Segment Start: Dataset excerpts

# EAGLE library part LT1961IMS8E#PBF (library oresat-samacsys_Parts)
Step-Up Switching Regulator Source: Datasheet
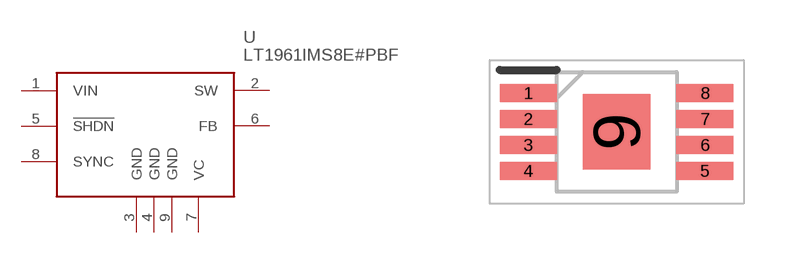
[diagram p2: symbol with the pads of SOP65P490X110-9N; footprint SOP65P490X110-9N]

Designator prefix U

## LT1961IMS8E#PBF (DESCRIPTION: Step-Up Switching Regulator; HEIGHT: 1.1mm; MANUFACTURER_NAME: Linear Technology; MPN: LT1961IMS8E#PBF; VALUE: LT1961IMS8E)  [SOP65P490X110-9N]
1  VIN  pwr
2  SW
3  GND  pwr
4  GND  pwr
5  !SHDN
6  FB
7  VC
8  SYNC
9  GND  pwr

## Footprint SOP65P490X110-9N (pad centres in mm)
MS8E(MSOP)
smd 1.425 x 0.45: 1 -2.212,0.975; 2 -2.212,0.325; 3 -2.212,-0.325; 4 -2.212,-0.975; 5 2.212,-0.975; 6 2.212,-0.325; 7 2.212,0.325; 8 2.212,0.975
smd 1.68 x 1.88: 9 0,0

Segment End: Dataset excerpts

Give back only the lines from the one containing "[diagram p2: symbol" through the final line of the entries above, exactly as written, both included.

▶ **Output for this task**:
[diagram p2: symbol with the pads of SOP65P490X110-9N; footprint SOP65P490X110-9N]

Designator prefix U

## LT1961IMS8E#PBF (DESCRIPTION: Step-Up Switching Regulator; HEIGHT: 1.1mm; MANUFACTURER_NAME: Linear Technology; MPN: LT1961IMS8E#PBF; VALUE: LT1961IMS8E)  [SOP65P490X110-9N]
1  VIN  pwr
2  SW
3  GND  pwr
4  GND  pwr
5  !SHDN
6  FB
7  VC
8  SYNC
9  GND  pwr

## Footprint SOP65P490X110-9N (pad centres in mm)
MS8E(MSOP)
smd 1.425 x 0.45: 1 -2.212,0.975; 2 -2.212,0.325; 3 -2.212,-0.325; 4 -2.212,-0.975; 5 2.212,-0.975; 6 2.212,-0.325; 7 2.212,0.325; 8 2.212,0.975
smd 1.68 x 1.88: 9 0,0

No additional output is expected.